*** Opening INFORMATION PROVIDED ***

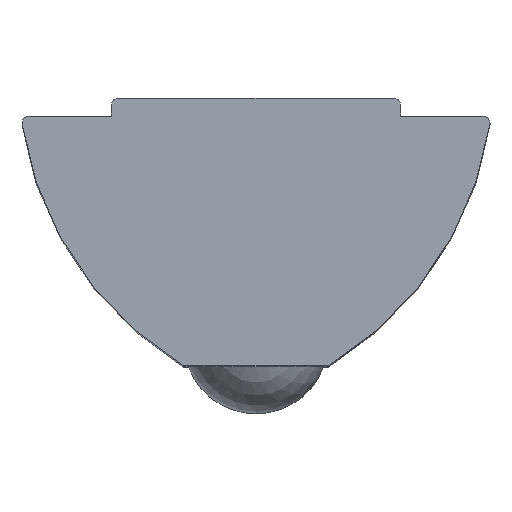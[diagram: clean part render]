
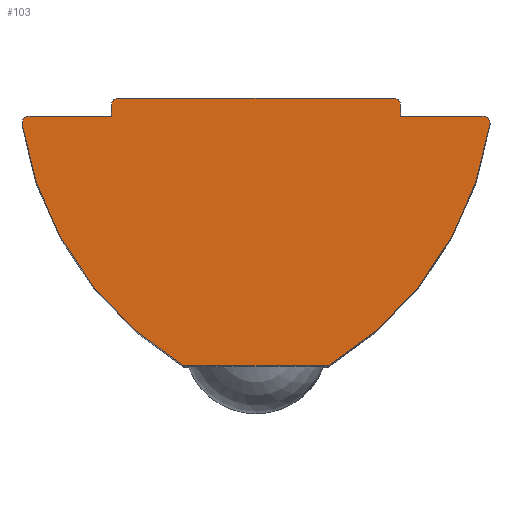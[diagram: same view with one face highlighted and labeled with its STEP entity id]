
A CAD part, top view. The second image highlights one B-rep face of the part: STEP entity #103.
In plain terms, the highlighted planar face has unit normal (0, 0, 1).
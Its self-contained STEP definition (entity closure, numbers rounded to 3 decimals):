
#1 = DIRECTION ( 'NONE',  ( -1., 0., 0. ) ) ;
#5 = CARTESIAN_POINT ( 'NONE',  ( -6.269, 6.9, 11. ) ) ;
#18 = VECTOR ( 'NONE', #143, 1000. ) ;
#19 = VERTEX_POINT ( 'NONE', #290 ) ;
#20 = DIRECTION ( 'NONE',  ( 1., 0., 0. ) ) ;
#21 = DIRECTION ( 'NONE',  ( 0., 0., 1. ) ) ;
#27 = CARTESIAN_POINT ( 'NONE',  ( 6.269, 6.7, 11. ) ) ;
#29 = ORIENTED_EDGE ( 'NONE', *, *, #182, .T. ) ;
#69 = CARTESIAN_POINT ( 'NONE',  ( 0., 6.9, 11. ) ) ;
#72 = CARTESIAN_POINT ( 'NONE',  ( 6.467, 6.669, 11. ) ) ;
#74 = CARTESIAN_POINT ( 'NONE',  ( -4., 6.9, 11. ) ) ;
#81 = ORIENTED_EDGE ( 'NONE', *, *, #449, .T. ) ;
#83 = VERTEX_POINT ( 'NONE', #721 ) ;
#85 = LINE ( 'NONE', #201, #333 ) ;
#90 = ORIENTED_EDGE ( 'NONE', *, *, #657, .T. ) ;
#103 = ADVANCED_FACE ( 'NONE', ( #616 ), #583, .T. ) ;
#110 = EDGE_CURVE ( 'NONE', #837, #118, #510, .T. ) ;
#118 = VERTEX_POINT ( 'NONE', #465 ) ;
#120 = EDGE_CURVE ( 'NONE', #438, #685, #409, .T. ) ;
#143 = DIRECTION ( 'NONE',  ( 1., 0., 0. ) ) ;
#158 = DIRECTION ( 'NONE',  ( -1., 0., 0. ) ) ;
#163 = VERTEX_POINT ( 'NONE', #841 ) ;
#170 = DIRECTION ( 'NONE',  ( 0., 1., 0. ) ) ;
#171 = CARTESIAN_POINT ( 'NONE',  ( 0., 6.9, 11. ) ) ;
#180 = CARTESIAN_POINT ( 'NONE',  ( -4., 0., 11. ) ) ;
#182 = EDGE_CURVE ( 'NONE', #238, #83, #805, .T. ) ;
#193 = EDGE_CURVE ( 'NONE', #163, #238, #483, .T. ) ;
#201 = CARTESIAN_POINT ( 'NONE',  ( 0., 7.4, 11. ) ) ;
#203 = AXIS2_PLACEMENT_3D ( 'NONE', #27, #21, #20 ) ;
#215 = DIRECTION ( 'NONE',  ( 0., 0., -1. ) ) ;
#223 = DIRECTION ( 'NONE',  ( 1., 0., 0. ) ) ;
#224 = DIRECTION ( 'NONE',  ( 1., 0., 0. ) ) ;
#228 = DIRECTION ( 'NONE',  ( 0., 0., 1. ) ) ;
#232 = CARTESIAN_POINT ( 'NONE',  ( -3.8, 7.2, 11. ) ) ;
#238 = VERTEX_POINT ( 'NONE', #617 ) ;
#243 = ORIENTED_EDGE ( 'NONE', *, *, #371, .T. ) ;
#254 = ORIENTED_EDGE ( 'NONE', *, *, #120, .F. ) ;
#259 = AXIS2_PLACEMENT_3D ( 'NONE', #826, #820, #810 ) ;
#263 = CIRCLE ( 'NONE', #203, 0.2 ) ;
#268 = CARTESIAN_POINT ( 'NONE',  ( -2.921, 8.126, 11. ) ) ;
#284 = CARTESIAN_POINT ( 'NONE',  ( -6.469, 6.7, 11. ) ) ;
#286 = DIRECTION ( 'NONE',  ( 1., 0., 0. ) ) ;
#290 = CARTESIAN_POINT ( 'NONE',  ( 6.269, 6.9, 11. ) ) ;
#314 = EDGE_LOOP ( 'NONE', ( #479, #496, #692, #751, #90, #254, #81, #422, #736, #29, #786, #243, #334 ) ) ;
#333 = VECTOR ( 'NONE', #158, 1000. ) ;
#334 = ORIENTED_EDGE ( 'NONE', *, *, #386, .F. ) ;
#347 = CARTESIAN_POINT ( 'NONE',  ( -6.269, 6.7, 11. ) ) ;
#350 = AXIS2_PLACEMENT_3D ( 'NONE', #560, #734, #664 ) ;
#356 = VECTOR ( 'NONE', #224, 1000. ) ;
#371 = EDGE_CURVE ( 'NONE', #501, #521, #563, .T. ) ;
#383 = CARTESIAN_POINT ( 'NONE',  ( -3.8, 7.4, 11. ) ) ;
#386 = EDGE_CURVE ( 'NONE', #443, #521, #398, .T. ) ;
#398 = LINE ( 'NONE', #180, #620 ) ;
#408 = EDGE_CURVE ( 'NONE', #596, #443, #694, .T. ) ;
#409 = CIRCLE ( 'NONE', #708, 9.5 ) ;
#415 = EDGE_CURVE ( 'NONE', #83, #501, #85, .T. ) ;
#422 = ORIENTED_EDGE ( 'NONE', *, *, #487, .T. ) ;
#424 = DIRECTION ( 'NONE',  ( 0., 0., 1. ) ) ;
#430 = CARTESIAN_POINT ( 'NONE',  ( -6.269, 6.7, 11. ) ) ;
#433 = AXIS2_PLACEMENT_3D ( 'NONE', #430, #424, #729 ) ;
#434 = AXIS2_PLACEMENT_3D ( 'NONE', #347, #705, #828 ) ;
#438 = VERTEX_POINT ( 'NONE', #72 ) ;
#443 = VERTEX_POINT ( 'NONE', #74 ) ;
#449 = EDGE_CURVE ( 'NONE', #438, #19, #263, .T. ) ;
#465 = CARTESIAN_POINT ( 'NONE',  ( -6.467, 6.669, 11. ) ) ;
#479 = ORIENTED_EDGE ( 'NONE', *, *, #408, .F. ) ;
#483 = LINE ( 'NONE', #773, #835 ) ;
#487 = EDGE_CURVE ( 'NONE', #19, #163, #748, .T. ) ;
#488 = CIRCLE ( 'NONE', #434, 0.2 ) ;
#493 = VECTOR ( 'NONE', #1, 1000. ) ;
#496 = ORIENTED_EDGE ( 'NONE', *, *, #777, .T. ) ;
#501 = VERTEX_POINT ( 'NONE', #383 ) ;
#510 = CIRCLE ( 'NONE', #433, 0.2 ) ;
#521 = VERTEX_POINT ( 'NONE', #579 ) ;
#523 = CARTESIAN_POINT ( 'NONE',  ( 0., 0., 11. ) ) ;
#529 = DIRECTION ( 'NONE',  ( 0., 0., 1. ) ) ;
#535 = AXIS2_PLACEMENT_3D ( 'NONE', #523, #529, #658 ) ;
#560 = CARTESIAN_POINT ( 'NONE',  ( 2.921, 8.126, 11. ) ) ;
#563 = CIRCLE ( 'NONE', #648, 0.2 ) ;
#579 = CARTESIAN_POINT ( 'NONE',  ( -4., 7.2, 11. ) ) ;
#583 = PLANE ( 'NONE',  #535 ) ;
#596 = VERTEX_POINT ( 'NONE', #5 ) ;
#613 = CARTESIAN_POINT ( 'NONE',  ( 2., 0., 11. ) ) ;
#616 = FACE_OUTER_BOUND ( 'NONE', #314, .T. ) ;
#617 = CARTESIAN_POINT ( 'NONE',  ( 4., 7.2, 11. ) ) ;
#620 = VECTOR ( 'NONE', #170, 1000. ) ;
#627 = VERTEX_POINT ( 'NONE', #667 ) ;
#638 = EDGE_CURVE ( 'NONE', #118, #627, #795, .T. ) ;
#648 = AXIS2_PLACEMENT_3D ( 'NONE', #232, #228, #223 ) ;
#657 = EDGE_CURVE ( 'NONE', #627, #685, #759, .T. ) ;
#658 = DIRECTION ( 'NONE',  ( 1., 0., 0. ) ) ;
#664 = DIRECTION ( 'NONE',  ( 1., 0., 0. ) ) ;
#667 = CARTESIAN_POINT ( 'NONE',  ( -2., 0., 11. ) ) ;
#685 = VERTEX_POINT ( 'NONE', #613 ) ;
#692 = ORIENTED_EDGE ( 'NONE', *, *, #110, .T. ) ;
#694 = LINE ( 'NONE', #171, #18 ) ;
#705 = DIRECTION ( 'NONE',  ( 0., 0., 1. ) ) ;
#708 = AXIS2_PLACEMENT_3D ( 'NONE', #268, #215, #286 ) ;
#721 = CARTESIAN_POINT ( 'NONE',  ( 3.8, 7.4, 11. ) ) ;
#728 = CARTESIAN_POINT ( 'NONE',  ( 0., 0., 11. ) ) ;
#729 = DIRECTION ( 'NONE',  ( 1., 0., 0. ) ) ;
#734 = DIRECTION ( 'NONE',  ( 0., 0., 1. ) ) ;
#736 = ORIENTED_EDGE ( 'NONE', *, *, #193, .T. ) ;
#748 = LINE ( 'NONE', #69, #493 ) ;
#751 = ORIENTED_EDGE ( 'NONE', *, *, #638, .T. ) ;
#759 = LINE ( 'NONE', #728, #356 ) ;
#773 = CARTESIAN_POINT ( 'NONE',  ( 4., 0., 11. ) ) ;
#774 = DIRECTION ( 'NONE',  ( 0., 1., 0. ) ) ;
#777 = EDGE_CURVE ( 'NONE', #596, #837, #488, .T. ) ;
#786 = ORIENTED_EDGE ( 'NONE', *, *, #415, .T. ) ;
#795 = CIRCLE ( 'NONE', #350, 9.5 ) ;
#805 = CIRCLE ( 'NONE', #259, 0.2 ) ;
#810 = DIRECTION ( 'NONE',  ( 1., 0., 0. ) ) ;
#820 = DIRECTION ( 'NONE',  ( 0., 0., 1. ) ) ;
#826 = CARTESIAN_POINT ( 'NONE',  ( 3.8, 7.2, 11. ) ) ;
#828 = DIRECTION ( 'NONE',  ( 1., 0., 0. ) ) ;
#835 = VECTOR ( 'NONE', #774, 1000. ) ;
#837 = VERTEX_POINT ( 'NONE', #284 ) ;
#841 = CARTESIAN_POINT ( 'NONE',  ( 4., 6.9, 11. ) ) ;
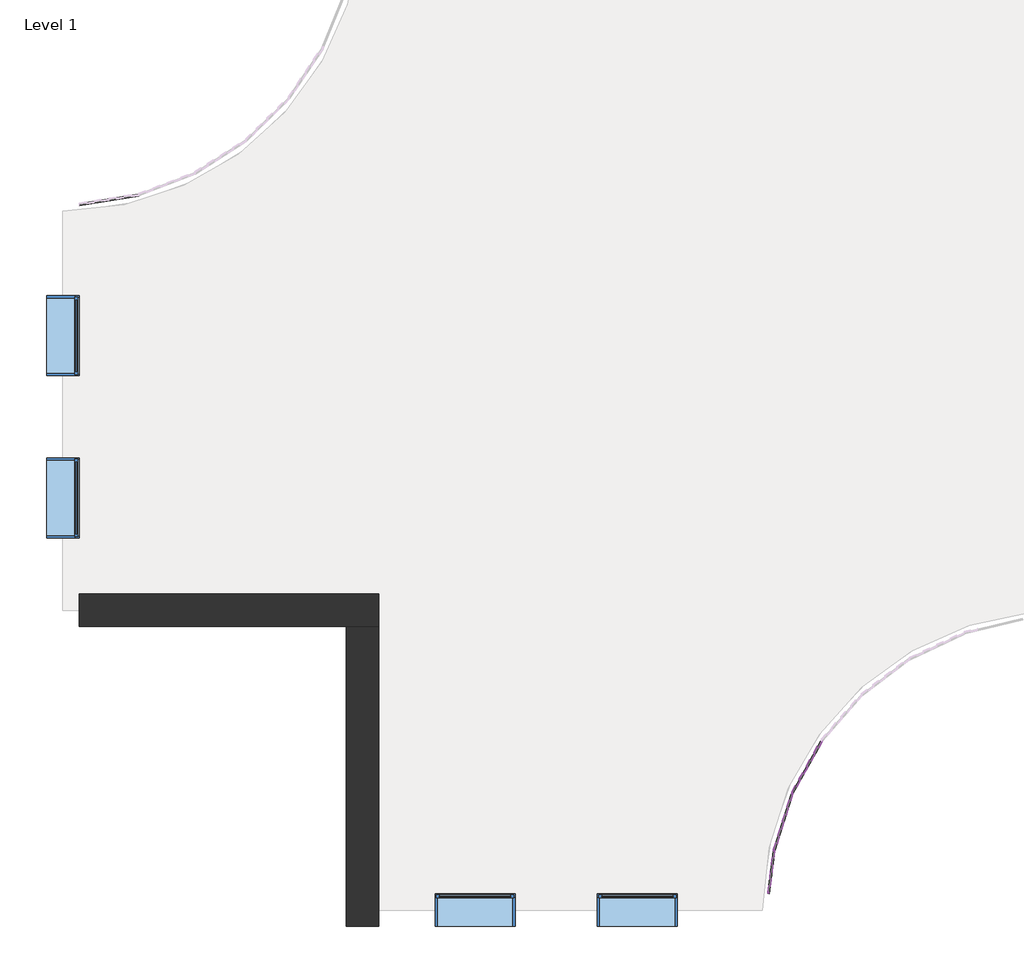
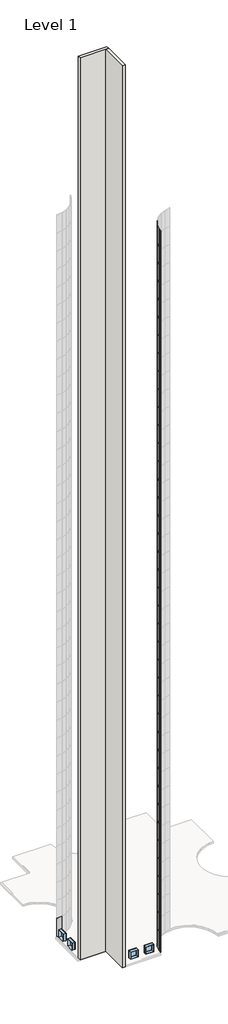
# One storey, part 1 of 19: 121 plates, 4 windows, 2 walls.
"""IFC4 building model written with IfcOpenShell, lengths in millimetres."""

from ifc_helpers import new_model, si_unit, origin, place, context, project, spatial, faceted_brep, transform, mapped, element, save
from components import system_panel_glazed_d77d1ebf, system_panel_glazed_769dbdec, window_d0035ecf, window_d434eb62

model = new_model("IFC4")

# Units and contexts
model_context = context("Model", 3, world=origin())
ifc_project = project(units=[si_unit("LENGTHUNIT", "METRE", prefix="MILLI")], contexts=[model_context])

# Site, building, storey
site = spatial("IfcSite", under=ifc_project)
building = spatial("IfcBuilding", under=site)
storey = spatial("IfcBuildingStorey", under=building, Name="Level 1", Elevation=0.0)

# Plates
placement = place(None, origin())
system_panel_glazed_shape = system_panel_glazed_d77d1ebf(model_context)
element("IfcPlate", 1, ObjectType="System Panel : Glazed", at=placement, inside=storey, context=model_context, shape_type="MappedRepresentation", body=[
    mapped(system_panel_glazed_shape, transform((-341.6843115, -19264.3431106, 0.0), x_axis=(-0.48908047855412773, -0.8722386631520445, 0.0), y_axis=(0.8722386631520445, -0.48908047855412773, 0.0), z_axis=(0.0, 0.0, 1.0))),
])
element("IfcPlate", 2, ObjectType="System Panel : Glazed", at=placement, inside=storey, context=model_context, shape_type="MappedRepresentation", body=[
    mapped(system_panel_glazed_shape, transform((-702.6313416, -20099.2151599, 0.0), x_axis=(-0.30039246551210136, -0.953815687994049, 0.0), y_axis=(0.953815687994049, -0.30039246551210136, 0.0), z_axis=(0.0, 0.0, 1.0))),
])
element("IfcPlate", 3, ObjectType="System Panel : Glazed", at=placement, inside=storey, context=model_context, shape_type="MappedRepresentation", body=[
    mapped(system_panel_glazed_shape, transform((-341.6843115, -19264.3431106, 3048.0), x_axis=(-0.48908047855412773, -0.8722386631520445, 0.0), y_axis=(0.8722386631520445, -0.48908047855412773, 0.0), z_axis=(0.0, 0.0, 1.0))),
])
element("IfcPlate", 4, ObjectType="System Panel : Glazed", at=placement, inside=storey, context=model_context, shape_type="MappedRepresentation", body=[
    mapped(system_panel_glazed_shape, transform((-702.6313416, -20099.2151599, 3048.0), x_axis=(-0.30039246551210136, -0.953815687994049, 0.0), y_axis=(0.953815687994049, -0.30039246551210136, 0.0), z_axis=(0.0, 0.0, 1.0))),
])
element("IfcPlate", 5, ObjectType="System Panel : Glazed", at=placement, inside=storey, context=model_context, shape_type="MappedRepresentation", body=[
    mapped(system_panel_glazed_shape, transform((-341.6843115, -19264.3431106, 6096.0), x_axis=(-0.48908047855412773, -0.8722386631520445, 0.0), y_axis=(0.8722386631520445, -0.48908047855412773, 0.0), z_axis=(0.0, 0.0, 1.0))),
])
element("IfcPlate", 6, ObjectType="System Panel : Glazed", at=placement, inside=storey, context=model_context, shape_type="MappedRepresentation", body=[
    mapped(system_panel_glazed_shape, transform((-702.6313416, -20099.2151599, 6096.0), x_axis=(-0.30039246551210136, -0.953815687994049, 0.0), y_axis=(0.953815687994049, -0.30039246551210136, 0.0), z_axis=(0.0, 0.0, 1.0))),
])
element("IfcPlate", 7, ObjectType="System Panel : Glazed", at=placement, inside=storey, context=model_context, shape_type="MappedRepresentation", body=[
    mapped(system_panel_glazed_shape, transform((-341.6843115, -19264.3431106, 9144.0), x_axis=(-0.48908047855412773, -0.8722386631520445, 0.0), y_axis=(0.8722386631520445, -0.48908047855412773, 0.0), z_axis=(0.0, 0.0, 1.0))),
])
element("IfcPlate", 8, ObjectType="System Panel : Glazed", at=placement, inside=storey, context=model_context, shape_type="MappedRepresentation", body=[
    mapped(system_panel_glazed_shape, transform((-702.6313416, -20099.2151599, 9144.0), x_axis=(-0.30039246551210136, -0.953815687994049, 0.0), y_axis=(0.953815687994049, -0.30039246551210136, 0.0), z_axis=(0.0, 0.0, 1.0))),
])
element("IfcPlate", 9, ObjectType="System Panel : Glazed", at=placement, inside=storey, context=model_context, shape_type="MappedRepresentation", body=[
    mapped(system_panel_glazed_shape, transform((-341.6843115, -19264.3431106, 12192.0), x_axis=(-0.48908047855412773, -0.8722386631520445, 0.0), y_axis=(0.8722386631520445, -0.48908047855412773, 0.0), z_axis=(0.0, 0.0, 1.0))),
])
element("IfcPlate", 10, ObjectType="System Panel : Glazed", at=placement, inside=storey, context=model_context, shape_type="MappedRepresentation", body=[
    mapped(system_panel_glazed_shape, transform((-702.6313416, -20099.2151599, 12192.0), x_axis=(-0.30039246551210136, -0.953815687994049, 0.0), y_axis=(0.953815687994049, -0.30039246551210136, 0.0), z_axis=(0.0, 0.0, 1.0))),
])
element("IfcPlate", 11, ObjectType="System Panel : Glazed", at=placement, inside=storey, context=model_context, shape_type="MappedRepresentation", body=[
    mapped(system_panel_glazed_shape, transform((-341.6843115, -19264.3431106, 15240.0), x_axis=(-0.48908047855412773, -0.8722386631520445, 0.0), y_axis=(0.8722386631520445, -0.48908047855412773, 0.0), z_axis=(0.0, 0.0, 1.0))),
])
element("IfcPlate", 12, ObjectType="System Panel : Glazed", at=placement, inside=storey, context=model_context, shape_type="MappedRepresentation", body=[
    mapped(system_panel_glazed_shape, transform((-702.6313416, -20099.2151599, 15240.0), x_axis=(-0.30039246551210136, -0.953815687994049, 0.0), y_axis=(0.953815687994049, -0.30039246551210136, 0.0), z_axis=(0.0, 0.0, 1.0))),
])
element("IfcPlate", 13, ObjectType="System Panel : Glazed", at=placement, inside=storey, context=model_context, shape_type="MappedRepresentation", body=[
    mapped(system_panel_glazed_shape, transform((-341.6843115, -19264.3431106, 18288.0), x_axis=(-0.48908047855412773, -0.8722386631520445, 0.0), y_axis=(0.8722386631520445, -0.48908047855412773, 0.0), z_axis=(0.0, 0.0, 1.0))),
])
element("IfcPlate", 14, ObjectType="System Panel : Glazed", at=placement, inside=storey, context=model_context, shape_type="MappedRepresentation", body=[
    mapped(system_panel_glazed_shape, transform((-702.6313416, -20099.2151599, 18288.0), x_axis=(-0.30039246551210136, -0.953815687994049, 0.0), y_axis=(0.953815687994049, -0.30039246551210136, 0.0), z_axis=(0.0, 0.0, 1.0))),
])
element("IfcPlate", 15, ObjectType="System Panel : Glazed", at=placement, inside=storey, context=model_context, shape_type="MappedRepresentation", body=[
    mapped(system_panel_glazed_shape, transform((-341.6843115, -19264.3431106, 21336.0), x_axis=(-0.48908047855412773, -0.8722386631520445, 0.0), y_axis=(0.8722386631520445, -0.48908047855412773, 0.0), z_axis=(0.0, 0.0, 1.0))),
])
element("IfcPlate", 16, ObjectType="System Panel : Glazed", at=placement, inside=storey, context=model_context, shape_type="MappedRepresentation", body=[
    mapped(system_panel_glazed_shape, transform((-702.6313416, -20099.2151599, 21336.0), x_axis=(-0.30039246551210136, -0.953815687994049, 0.0), y_axis=(0.953815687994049, -0.30039246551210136, 0.0), z_axis=(0.0, 0.0, 1.0))),
])
element("IfcPlate", 17, ObjectType="System Panel : Glazed", at=placement, inside=storey, context=model_context, shape_type="MappedRepresentation", body=[
    mapped(system_panel_glazed_shape, transform((-341.6843115, -19264.3431106, 24384.0), x_axis=(-0.48908047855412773, -0.8722386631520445, 0.0), y_axis=(0.8722386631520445, -0.48908047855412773, 0.0), z_axis=(0.0, 0.0, 1.0))),
])
element("IfcPlate", 18, ObjectType="System Panel : Glazed", at=placement, inside=storey, context=model_context, shape_type="MappedRepresentation", body=[
    mapped(system_panel_glazed_shape, transform((-702.6313416, -20099.2151599, 24384.0), x_axis=(-0.30039246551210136, -0.953815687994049, 0.0), y_axis=(0.953815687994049, -0.30039246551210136, 0.0), z_axis=(0.0, 0.0, 1.0))),
])
element("IfcPlate", 19, ObjectType="System Panel : Glazed", at=placement, inside=storey, context=model_context, shape_type="MappedRepresentation", body=[
    mapped(system_panel_glazed_shape, transform((-341.6843115, -19264.3431106, 27432.0), x_axis=(-0.48908047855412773, -0.8722386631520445, 0.0), y_axis=(0.8722386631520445, -0.48908047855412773, 0.0), z_axis=(0.0, 0.0, 1.0))),
])
element("IfcPlate", 20, ObjectType="System Panel : Glazed", at=placement, inside=storey, context=model_context, shape_type="MappedRepresentation", body=[
    mapped(system_panel_glazed_shape, transform((-702.6313416, -20099.2151599, 27432.0), x_axis=(-0.30039246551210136, -0.953815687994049, 0.0), y_axis=(0.953815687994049, -0.30039246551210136, 0.0), z_axis=(0.0, 0.0, 1.0))),
])
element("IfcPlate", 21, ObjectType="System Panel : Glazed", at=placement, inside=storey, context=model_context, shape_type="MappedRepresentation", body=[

*** Closing INFORMATION PROVIDED ***

- PROBLEM STATEMENT
For this exercise, output exactly the lines above from the line with "#18 = VECTOR ( 'NONE', #143, 1000. ) ;" to the line with "#254 = ORIENTED_EDGE", counting both, and leave out the rest.

- EXERCISE OUTPUT
#18 = VECTOR ( 'NONE', #143, 1000. ) ;
#19 = VERTEX_POINT ( 'NONE', #290 ) ;
#20 = DIRECTION ( 'NONE',  ( 1., 0., 0. ) ) ;
#21 = DIRECTION ( 'NONE',  ( 0., 0., 1. ) ) ;
#27 = CARTESIAN_POINT ( 'NONE',  ( 6.269, 6.7, 11. ) ) ;
#29 = ORIENTED_EDGE ( 'NONE', *, *, #182, .T. ) ;
#69 = CARTESIAN_POINT ( 'NONE',  ( 0., 6.9, 11. ) ) ;
#72 = CARTESIAN_POINT ( 'NONE',  ( 6.467, 6.669, 11. ) ) ;
#74 = CARTESIAN_POINT ( 'NONE',  ( -4., 6.9, 11. ) ) ;
#81 = ORIENTED_EDGE ( 'NONE', *, *, #449, .T. ) ;
#83 = VERTEX_POINT ( 'NONE', #721 ) ;
#85 = LINE ( 'NONE', #201, #333 ) ;
#90 = ORIENTED_EDGE ( 'NONE', *, *, #657, .T. ) ;
#103 = ADVANCED_FACE ( 'NONE', ( #616 ), #583, .T. ) ;
#110 = EDGE_CURVE ( 'NONE', #837, #118, #510, .T. ) ;
#118 = VERTEX_POINT ( 'NONE', #465 ) ;
#120 = EDGE_CURVE ( 'NONE', #438, #685, #409, .T. ) ;
#143 = DIRECTION ( 'NONE',  ( 1., 0., 0. ) ) ;
#158 = DIRECTION ( 'NONE',  ( -1., 0., 0. ) ) ;
#163 = VERTEX_POINT ( 'NONE', #841 ) ;
#170 = DIRECTION ( 'NONE',  ( 0., 1., 0. ) ) ;
#171 = CARTESIAN_POINT ( 'NONE',  ( 0., 6.9, 11. ) ) ;
#180 = CARTESIAN_POINT ( 'NONE',  ( -4., 0., 11. ) ) ;
#182 = EDGE_CURVE ( 'NONE', #238, #83, #805, .T. ) ;
#193 = EDGE_CURVE ( 'NONE', #163, #238, #483, .T. ) ;
#201 = CARTESIAN_POINT ( 'NONE',  ( 0., 7.4, 11. ) ) ;
#203 = AXIS2_PLACEMENT_3D ( 'NONE', #27, #21, #20 ) ;
#215 = DIRECTION ( 'NONE',  ( 0., 0., -1. ) ) ;
#223 = DIRECTION ( 'NONE',  ( 1., 0., 0. ) ) ;
#224 = DIRECTION ( 'NONE',  ( 1., 0., 0. ) ) ;
#228 = DIRECTION ( 'NONE',  ( 0., 0., 1. ) ) ;
#232 = CARTESIAN_POINT ( 'NONE',  ( -3.8, 7.2, 11. ) ) ;
#238 = VERTEX_POINT ( 'NONE', #617 ) ;
#243 = ORIENTED_EDGE ( 'NONE', *, *, #371, .T. ) ;
#254 = ORIENTED_EDGE ( 'NONE', *, *, #120, .F. ) ;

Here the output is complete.